:: Data for review ::
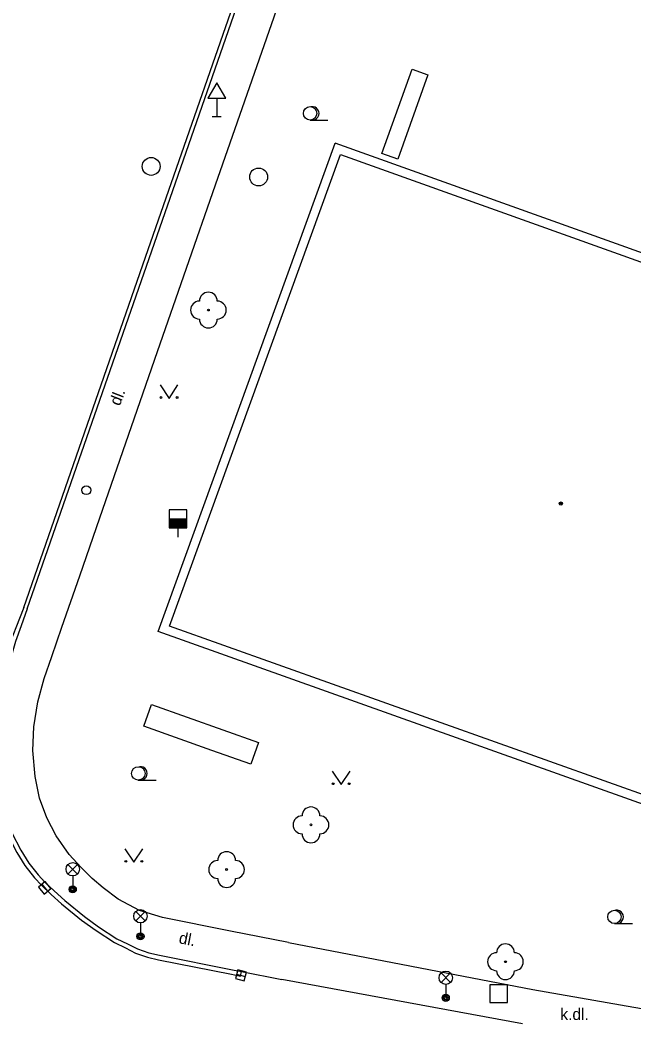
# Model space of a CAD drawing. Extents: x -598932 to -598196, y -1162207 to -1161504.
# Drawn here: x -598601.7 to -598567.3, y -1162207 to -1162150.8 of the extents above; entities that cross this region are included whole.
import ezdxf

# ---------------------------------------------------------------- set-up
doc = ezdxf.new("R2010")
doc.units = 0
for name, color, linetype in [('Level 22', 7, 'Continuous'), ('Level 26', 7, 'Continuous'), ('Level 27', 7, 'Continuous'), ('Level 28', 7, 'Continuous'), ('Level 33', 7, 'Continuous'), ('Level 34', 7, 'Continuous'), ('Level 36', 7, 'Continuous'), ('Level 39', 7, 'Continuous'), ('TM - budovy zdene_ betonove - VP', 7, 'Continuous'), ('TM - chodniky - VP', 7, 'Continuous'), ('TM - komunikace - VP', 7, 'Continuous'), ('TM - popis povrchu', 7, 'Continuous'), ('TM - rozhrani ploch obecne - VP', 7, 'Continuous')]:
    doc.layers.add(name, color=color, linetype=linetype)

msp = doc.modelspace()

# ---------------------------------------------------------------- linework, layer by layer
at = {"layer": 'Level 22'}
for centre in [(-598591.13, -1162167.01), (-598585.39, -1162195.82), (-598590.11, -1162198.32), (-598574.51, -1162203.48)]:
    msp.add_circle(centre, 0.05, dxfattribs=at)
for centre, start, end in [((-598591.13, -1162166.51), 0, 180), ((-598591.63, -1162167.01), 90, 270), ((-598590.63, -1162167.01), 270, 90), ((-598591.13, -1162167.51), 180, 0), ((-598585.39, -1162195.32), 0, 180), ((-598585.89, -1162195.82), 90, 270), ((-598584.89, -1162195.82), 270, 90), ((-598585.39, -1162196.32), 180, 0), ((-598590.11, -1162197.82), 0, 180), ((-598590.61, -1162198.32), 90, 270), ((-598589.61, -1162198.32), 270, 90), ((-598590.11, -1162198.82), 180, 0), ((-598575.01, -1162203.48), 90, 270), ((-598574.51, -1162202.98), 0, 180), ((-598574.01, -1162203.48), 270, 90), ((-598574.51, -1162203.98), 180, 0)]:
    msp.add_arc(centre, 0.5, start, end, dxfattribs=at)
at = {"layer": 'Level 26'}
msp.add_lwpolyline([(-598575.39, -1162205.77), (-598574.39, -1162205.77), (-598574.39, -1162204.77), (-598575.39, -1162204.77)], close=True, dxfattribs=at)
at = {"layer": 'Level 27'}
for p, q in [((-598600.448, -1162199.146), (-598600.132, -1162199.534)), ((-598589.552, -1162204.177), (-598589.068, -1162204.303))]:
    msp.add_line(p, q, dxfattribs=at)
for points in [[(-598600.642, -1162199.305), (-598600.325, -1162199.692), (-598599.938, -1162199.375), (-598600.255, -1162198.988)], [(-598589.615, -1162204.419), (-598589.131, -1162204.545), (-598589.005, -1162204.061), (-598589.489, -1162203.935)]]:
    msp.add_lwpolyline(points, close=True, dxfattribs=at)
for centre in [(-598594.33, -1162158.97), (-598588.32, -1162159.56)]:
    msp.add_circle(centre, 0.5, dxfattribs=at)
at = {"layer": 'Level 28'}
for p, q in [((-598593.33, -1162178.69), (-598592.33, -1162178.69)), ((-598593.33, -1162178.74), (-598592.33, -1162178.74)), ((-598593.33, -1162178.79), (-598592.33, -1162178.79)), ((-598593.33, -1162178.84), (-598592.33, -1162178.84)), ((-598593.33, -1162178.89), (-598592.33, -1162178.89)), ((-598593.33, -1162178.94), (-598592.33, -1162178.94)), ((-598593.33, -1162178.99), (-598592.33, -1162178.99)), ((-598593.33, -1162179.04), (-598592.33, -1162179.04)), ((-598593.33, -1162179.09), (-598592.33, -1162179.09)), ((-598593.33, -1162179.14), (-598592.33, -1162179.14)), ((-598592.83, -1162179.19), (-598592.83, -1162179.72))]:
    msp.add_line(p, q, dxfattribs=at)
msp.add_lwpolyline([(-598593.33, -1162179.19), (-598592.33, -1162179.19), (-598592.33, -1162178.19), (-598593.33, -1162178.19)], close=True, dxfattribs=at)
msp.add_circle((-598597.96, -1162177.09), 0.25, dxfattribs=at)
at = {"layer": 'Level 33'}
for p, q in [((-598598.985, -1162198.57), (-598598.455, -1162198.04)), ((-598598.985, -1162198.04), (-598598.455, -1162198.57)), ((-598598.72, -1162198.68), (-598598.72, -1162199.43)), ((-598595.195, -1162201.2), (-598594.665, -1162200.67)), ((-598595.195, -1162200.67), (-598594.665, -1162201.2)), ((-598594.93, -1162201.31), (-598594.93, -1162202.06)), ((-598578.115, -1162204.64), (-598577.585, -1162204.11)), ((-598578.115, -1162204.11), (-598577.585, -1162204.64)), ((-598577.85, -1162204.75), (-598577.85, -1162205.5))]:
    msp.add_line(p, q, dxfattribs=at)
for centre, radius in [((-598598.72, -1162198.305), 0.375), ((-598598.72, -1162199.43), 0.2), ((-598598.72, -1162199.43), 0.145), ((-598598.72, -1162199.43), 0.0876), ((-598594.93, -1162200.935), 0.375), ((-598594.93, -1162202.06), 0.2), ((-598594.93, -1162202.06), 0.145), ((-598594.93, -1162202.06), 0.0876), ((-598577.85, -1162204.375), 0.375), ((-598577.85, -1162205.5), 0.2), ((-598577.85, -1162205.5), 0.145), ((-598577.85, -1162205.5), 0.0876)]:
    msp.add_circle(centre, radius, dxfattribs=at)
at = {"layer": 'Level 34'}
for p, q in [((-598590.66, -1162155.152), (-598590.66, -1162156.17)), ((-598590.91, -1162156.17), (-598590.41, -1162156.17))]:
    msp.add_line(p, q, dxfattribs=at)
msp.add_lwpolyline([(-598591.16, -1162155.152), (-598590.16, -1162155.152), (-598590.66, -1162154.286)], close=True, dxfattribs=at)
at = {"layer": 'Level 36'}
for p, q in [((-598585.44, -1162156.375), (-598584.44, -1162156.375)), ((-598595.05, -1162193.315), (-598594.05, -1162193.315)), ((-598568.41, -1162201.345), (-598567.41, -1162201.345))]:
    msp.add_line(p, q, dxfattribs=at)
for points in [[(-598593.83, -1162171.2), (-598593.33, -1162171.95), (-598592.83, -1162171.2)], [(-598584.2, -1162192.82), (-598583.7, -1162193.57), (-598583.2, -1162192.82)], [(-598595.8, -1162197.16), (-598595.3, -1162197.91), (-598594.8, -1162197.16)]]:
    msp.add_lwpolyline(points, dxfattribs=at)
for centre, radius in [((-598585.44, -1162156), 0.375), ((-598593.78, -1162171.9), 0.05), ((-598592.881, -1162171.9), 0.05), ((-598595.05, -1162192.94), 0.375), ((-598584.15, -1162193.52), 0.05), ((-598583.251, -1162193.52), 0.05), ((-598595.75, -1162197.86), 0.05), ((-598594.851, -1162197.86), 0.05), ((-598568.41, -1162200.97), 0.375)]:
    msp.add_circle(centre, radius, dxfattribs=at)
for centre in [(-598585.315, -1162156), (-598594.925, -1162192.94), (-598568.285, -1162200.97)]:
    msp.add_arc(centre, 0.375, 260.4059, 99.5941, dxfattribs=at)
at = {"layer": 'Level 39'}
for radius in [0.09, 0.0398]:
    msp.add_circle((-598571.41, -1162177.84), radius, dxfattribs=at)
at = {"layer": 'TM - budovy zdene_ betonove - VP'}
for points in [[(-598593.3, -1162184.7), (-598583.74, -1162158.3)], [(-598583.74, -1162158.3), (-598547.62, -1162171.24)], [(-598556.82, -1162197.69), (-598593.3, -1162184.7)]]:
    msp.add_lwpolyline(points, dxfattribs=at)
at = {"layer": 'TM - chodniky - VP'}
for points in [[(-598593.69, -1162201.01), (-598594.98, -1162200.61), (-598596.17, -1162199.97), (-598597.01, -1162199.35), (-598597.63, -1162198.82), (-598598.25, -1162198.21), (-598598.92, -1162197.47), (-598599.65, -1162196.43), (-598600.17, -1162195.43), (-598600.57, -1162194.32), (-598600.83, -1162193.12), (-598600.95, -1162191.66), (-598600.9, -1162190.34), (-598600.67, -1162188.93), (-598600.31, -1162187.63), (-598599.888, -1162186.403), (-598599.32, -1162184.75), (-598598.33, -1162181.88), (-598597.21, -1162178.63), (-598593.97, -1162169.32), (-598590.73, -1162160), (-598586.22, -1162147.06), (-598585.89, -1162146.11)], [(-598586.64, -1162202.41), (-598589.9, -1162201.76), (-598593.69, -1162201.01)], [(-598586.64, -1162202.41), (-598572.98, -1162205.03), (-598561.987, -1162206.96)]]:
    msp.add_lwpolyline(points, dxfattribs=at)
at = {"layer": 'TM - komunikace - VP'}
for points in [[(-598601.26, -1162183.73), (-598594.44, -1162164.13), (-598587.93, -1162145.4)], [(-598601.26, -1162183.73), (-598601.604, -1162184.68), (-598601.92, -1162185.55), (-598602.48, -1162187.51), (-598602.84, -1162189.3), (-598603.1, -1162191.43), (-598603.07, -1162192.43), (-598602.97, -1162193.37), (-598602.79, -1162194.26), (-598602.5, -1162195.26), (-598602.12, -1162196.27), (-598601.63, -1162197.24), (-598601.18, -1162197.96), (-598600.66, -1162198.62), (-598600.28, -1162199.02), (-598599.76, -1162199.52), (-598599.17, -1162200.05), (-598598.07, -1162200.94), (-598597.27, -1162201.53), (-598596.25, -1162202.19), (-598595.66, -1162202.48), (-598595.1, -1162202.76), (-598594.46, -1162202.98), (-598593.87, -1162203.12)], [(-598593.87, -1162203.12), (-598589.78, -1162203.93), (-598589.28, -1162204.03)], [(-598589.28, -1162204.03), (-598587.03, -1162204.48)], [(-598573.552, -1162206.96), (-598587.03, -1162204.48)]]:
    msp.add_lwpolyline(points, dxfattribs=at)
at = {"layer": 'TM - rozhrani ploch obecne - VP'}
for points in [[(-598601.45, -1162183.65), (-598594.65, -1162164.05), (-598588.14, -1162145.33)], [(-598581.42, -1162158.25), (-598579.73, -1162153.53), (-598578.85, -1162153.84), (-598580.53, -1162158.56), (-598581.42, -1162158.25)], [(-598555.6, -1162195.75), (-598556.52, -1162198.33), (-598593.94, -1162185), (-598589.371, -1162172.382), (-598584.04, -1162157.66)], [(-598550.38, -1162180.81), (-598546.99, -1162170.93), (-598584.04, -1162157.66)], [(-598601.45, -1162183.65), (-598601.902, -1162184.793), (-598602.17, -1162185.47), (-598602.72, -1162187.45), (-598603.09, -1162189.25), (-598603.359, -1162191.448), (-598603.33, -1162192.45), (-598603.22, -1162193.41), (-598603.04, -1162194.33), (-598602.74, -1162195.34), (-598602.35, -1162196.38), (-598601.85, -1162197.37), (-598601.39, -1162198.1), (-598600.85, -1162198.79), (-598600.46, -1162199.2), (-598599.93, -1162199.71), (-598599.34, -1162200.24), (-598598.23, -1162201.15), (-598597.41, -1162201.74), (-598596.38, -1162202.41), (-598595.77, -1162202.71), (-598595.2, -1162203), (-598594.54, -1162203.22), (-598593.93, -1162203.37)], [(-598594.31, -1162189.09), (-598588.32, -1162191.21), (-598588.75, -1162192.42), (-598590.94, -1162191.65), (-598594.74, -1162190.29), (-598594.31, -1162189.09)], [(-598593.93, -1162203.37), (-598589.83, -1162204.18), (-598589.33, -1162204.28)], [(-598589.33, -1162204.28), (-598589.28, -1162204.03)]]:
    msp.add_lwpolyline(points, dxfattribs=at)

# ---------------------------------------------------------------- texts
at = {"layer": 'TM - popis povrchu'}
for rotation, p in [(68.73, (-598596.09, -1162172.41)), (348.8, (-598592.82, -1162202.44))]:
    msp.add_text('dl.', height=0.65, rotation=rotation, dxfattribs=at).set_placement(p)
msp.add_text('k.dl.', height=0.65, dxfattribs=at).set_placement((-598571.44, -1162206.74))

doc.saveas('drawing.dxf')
:::
▸ **Task item**: Lines in the records that hold "rozhrani" should be tallied, with the total given on its own.

▸ **Expected answer**: 2